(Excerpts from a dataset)
"""

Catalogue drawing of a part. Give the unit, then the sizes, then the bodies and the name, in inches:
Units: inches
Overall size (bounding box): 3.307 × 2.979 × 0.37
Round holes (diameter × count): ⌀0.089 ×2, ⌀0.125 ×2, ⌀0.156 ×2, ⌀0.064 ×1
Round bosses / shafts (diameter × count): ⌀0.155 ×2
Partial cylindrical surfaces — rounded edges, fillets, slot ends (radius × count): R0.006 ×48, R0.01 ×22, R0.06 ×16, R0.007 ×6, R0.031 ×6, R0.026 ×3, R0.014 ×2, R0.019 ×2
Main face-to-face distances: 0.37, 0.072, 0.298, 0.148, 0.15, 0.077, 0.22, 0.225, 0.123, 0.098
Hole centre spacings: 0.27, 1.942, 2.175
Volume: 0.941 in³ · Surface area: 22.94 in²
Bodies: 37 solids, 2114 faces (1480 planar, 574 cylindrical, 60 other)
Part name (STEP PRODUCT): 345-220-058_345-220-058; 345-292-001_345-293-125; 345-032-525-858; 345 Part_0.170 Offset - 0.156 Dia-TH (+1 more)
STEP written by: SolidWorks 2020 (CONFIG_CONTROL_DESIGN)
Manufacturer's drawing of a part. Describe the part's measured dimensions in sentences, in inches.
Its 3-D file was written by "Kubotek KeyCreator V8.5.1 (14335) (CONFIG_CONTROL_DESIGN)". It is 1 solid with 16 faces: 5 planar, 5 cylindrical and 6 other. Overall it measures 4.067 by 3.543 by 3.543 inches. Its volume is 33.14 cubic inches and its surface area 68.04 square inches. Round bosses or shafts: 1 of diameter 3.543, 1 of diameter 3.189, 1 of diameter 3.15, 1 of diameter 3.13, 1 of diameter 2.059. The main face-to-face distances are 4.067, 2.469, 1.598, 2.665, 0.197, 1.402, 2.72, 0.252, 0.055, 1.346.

"""

» Task details: The answer must be all of the entries, restated exactly.

» Solution:
Catalogue drawing of a part. Give the unit, then the sizes, then the bodies and the name, in inches:
Units: inches
Overall size (bounding box): 3.307 × 2.979 × 0.37
Round holes (diameter × count): ⌀0.089 ×2, ⌀0.125 ×2, ⌀0.156 ×2, ⌀0.064 ×1
Round bosses / shafts (diameter × count): ⌀0.155 ×2
Partial cylindrical surfaces — rounded edges, fillets, slot ends (radius × count): R0.006 ×48, R0.01 ×22, R0.06 ×16, R0.007 ×6, R0.031 ×6, R0.026 ×3, R0.014 ×2, R0.019 ×2
Main face-to-face distances: 0.37, 0.072, 0.298, 0.148, 0.15, 0.077, 0.22, 0.225, 0.123, 0.098
Hole centre spacings: 0.27, 1.942, 2.175
Volume: 0.941 in³ · Surface area: 22.94 in²
Bodies: 37 solids, 2114 faces (1480 planar, 574 cylindrical, 60 other)
Part name (STEP PRODUCT): 345-220-058_345-220-058; 345-292-001_345-293-125; 345-032-525-858; 345 Part_0.170 Offset - 0.156 Dia-TH (+1 more)
STEP written by: SolidWorks 2020 (CONFIG_CONTROL_DESIGN)
Manufacturer's drawing of a part. Describe the part's measured dimensions in sentences, in inches.
Its 3-D file was written by "Kubotek KeyCreator V8.5.1 (14335) (CONFIG_CONTROL_DESIGN)". It is 1 solid with 16 faces: 5 planar, 5 cylindrical and 6 other. Overall it measures 4.067 by 3.543 by 3.543 inches. Its volume is 33.14 cubic inches and its surface area 68.04 square inches. Round bosses or shafts: 1 of diameter 3.543, 1 of diameter 3.189, 1 of diameter 3.15, 1 of diameter 3.13, 1 of diameter 2.059. The main face-to-face distances are 4.067, 2.469, 1.598, 2.665, 0.197, 1.402, 2.72, 0.252, 0.055, 1.346.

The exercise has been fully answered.